About this exercise
In the entries that follow, find each line with the word "WASHER" and copy it.

- Opening Delimiter -

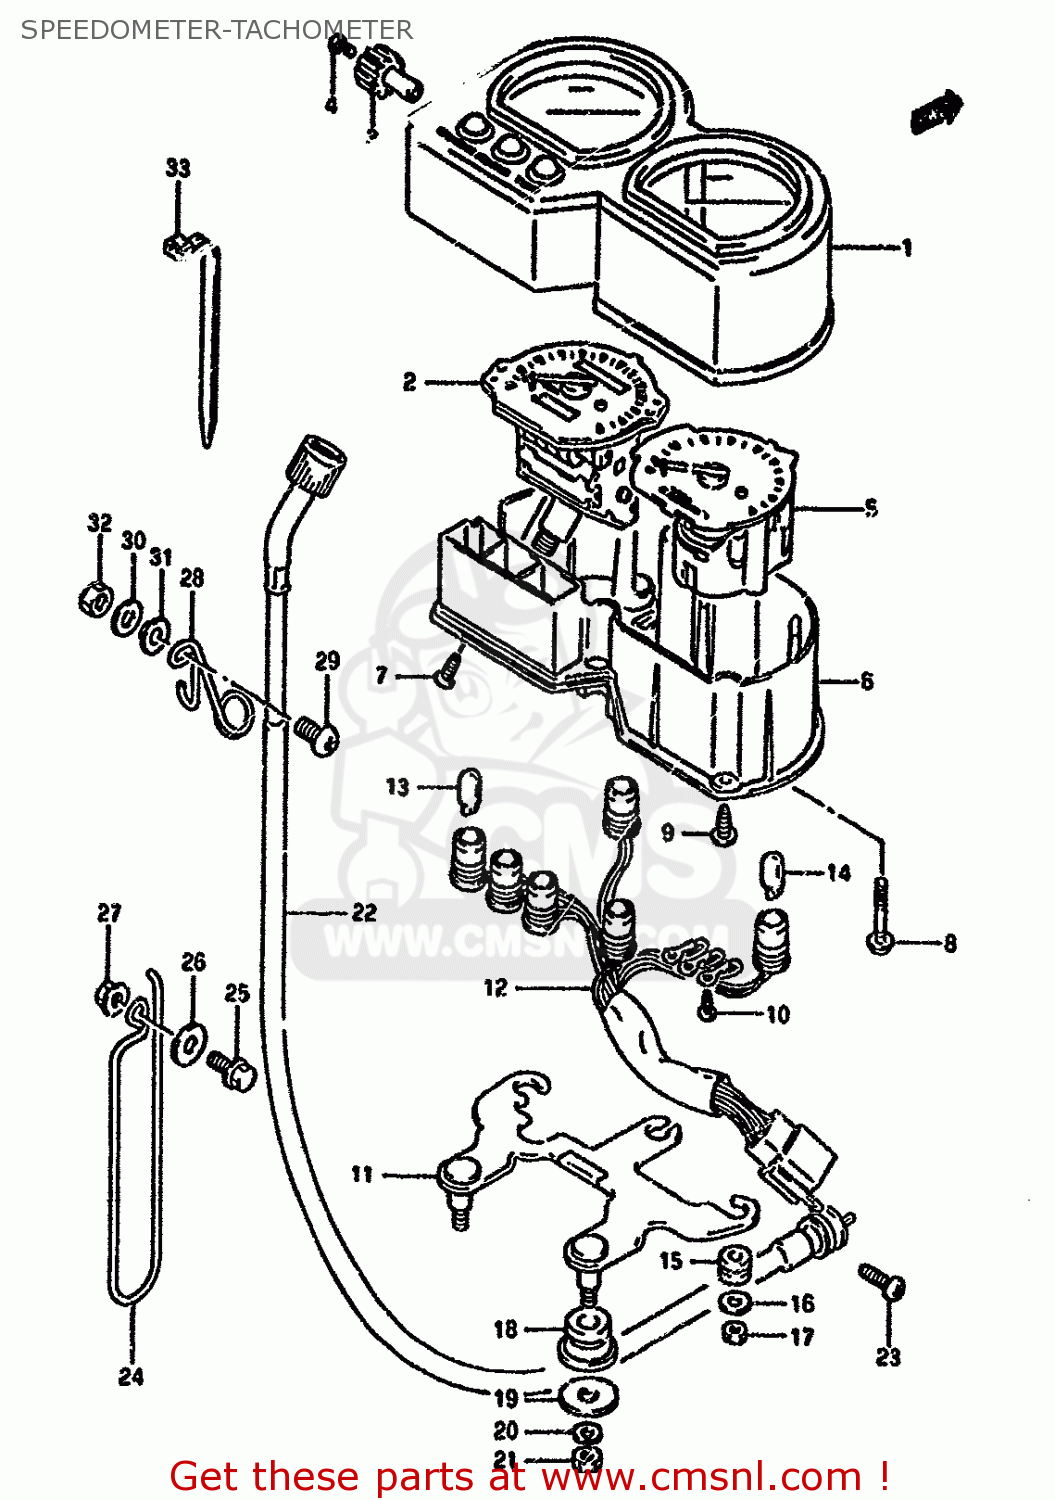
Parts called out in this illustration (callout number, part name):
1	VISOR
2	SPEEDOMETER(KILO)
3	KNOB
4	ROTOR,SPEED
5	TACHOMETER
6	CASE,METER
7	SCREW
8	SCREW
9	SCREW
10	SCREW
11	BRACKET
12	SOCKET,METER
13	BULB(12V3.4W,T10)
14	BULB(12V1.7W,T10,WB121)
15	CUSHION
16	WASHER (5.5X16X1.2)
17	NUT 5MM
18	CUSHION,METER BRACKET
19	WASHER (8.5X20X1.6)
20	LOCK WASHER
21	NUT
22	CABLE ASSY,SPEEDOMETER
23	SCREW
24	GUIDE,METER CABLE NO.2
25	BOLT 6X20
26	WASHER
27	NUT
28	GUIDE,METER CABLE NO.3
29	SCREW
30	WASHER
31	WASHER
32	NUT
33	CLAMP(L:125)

- Closing Delimiter -

Response below
16	WASHER (5.5X16X1.2)
19	WASHER (8.5X20X1.6)
20	LOCK WASHER
26	WASHER
30	WASHER
31	WASHER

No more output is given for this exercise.